Artificial Intelligence and Machine Learning (ML)

These two tools can help educators make decisions faster and consider information that would be too taxing for humans to evaluate. The Wall Street Journal highlights one department burgeoning with opportunities for artificial intelligence: admissions. Using AI, universities can examine data points that exist outside of an application. Software can evaluate a variety of factors to weigh a student’s genuine interest in attending that school. 

For example, AI tools can calculate how many times a prospective student clicks on email links, how quickly they respond to an in-person interview invite, or if they RSVPed to a mixer but failed to attend. AI models can infuse the application process with these more nuanced behaviors to measure how likely a student is to enroll. 

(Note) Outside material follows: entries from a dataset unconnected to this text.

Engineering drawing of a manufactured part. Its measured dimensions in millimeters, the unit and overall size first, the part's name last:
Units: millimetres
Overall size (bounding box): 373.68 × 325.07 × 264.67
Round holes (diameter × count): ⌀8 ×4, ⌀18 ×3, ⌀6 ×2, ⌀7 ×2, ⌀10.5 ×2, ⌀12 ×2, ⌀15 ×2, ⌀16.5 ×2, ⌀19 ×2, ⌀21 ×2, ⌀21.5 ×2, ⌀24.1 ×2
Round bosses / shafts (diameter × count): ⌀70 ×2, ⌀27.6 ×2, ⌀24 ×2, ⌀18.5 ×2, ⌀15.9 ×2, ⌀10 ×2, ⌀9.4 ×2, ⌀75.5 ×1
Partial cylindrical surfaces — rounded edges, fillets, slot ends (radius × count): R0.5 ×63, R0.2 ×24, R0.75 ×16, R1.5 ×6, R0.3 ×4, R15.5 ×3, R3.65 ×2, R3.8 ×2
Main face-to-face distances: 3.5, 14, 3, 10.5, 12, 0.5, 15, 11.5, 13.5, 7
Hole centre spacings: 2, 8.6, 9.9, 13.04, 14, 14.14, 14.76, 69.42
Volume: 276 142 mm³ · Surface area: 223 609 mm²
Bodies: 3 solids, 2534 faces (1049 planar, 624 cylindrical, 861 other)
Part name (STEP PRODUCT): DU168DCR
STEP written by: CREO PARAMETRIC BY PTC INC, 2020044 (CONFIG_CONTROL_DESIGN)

AI models can also present students with suggested course schedules and recommend suitable majors. Some colleges use AI to predict which students might drop out and why, so administrators can step in with corrective measures like counseling or additional financial aid. 

Process Mapping Tools

Understanding how data flows throughout your university is one of the cornerstones of an effective hyperautomation strategy. Process mapping tools help faculty understand the route information takes to make its way from point A to point B, so they can build more effective workflows free of redundancies and bottlenecks. 

No/Low-Code Platforms

In the past, putting together a lively marketing email used to require a knack for HTML coding. Now, you can use no and low-code platforms to drag and drop images, videos, and text blocks with a few clicks. The concept is now a key part of more complex applications, reducing the need for programming languages like Java and PHP. You can stack software actions like blocks to build your own payment workflows and approval chains without advanced coding experience.

  • Vaccination status
  • Collect assignments remotely
  • Deploy chatbots
  • Equipment or study room reservation tools
  • Authorize WiFi access

Hyperautomation is here to stay

Hyperautomation, or intelligent process automation, is the next evolution of automation. The mindset shift encourages higher education faculty to become diligent scouts, constantly searching for ways automation can improve internal processes and revitalize the student journey.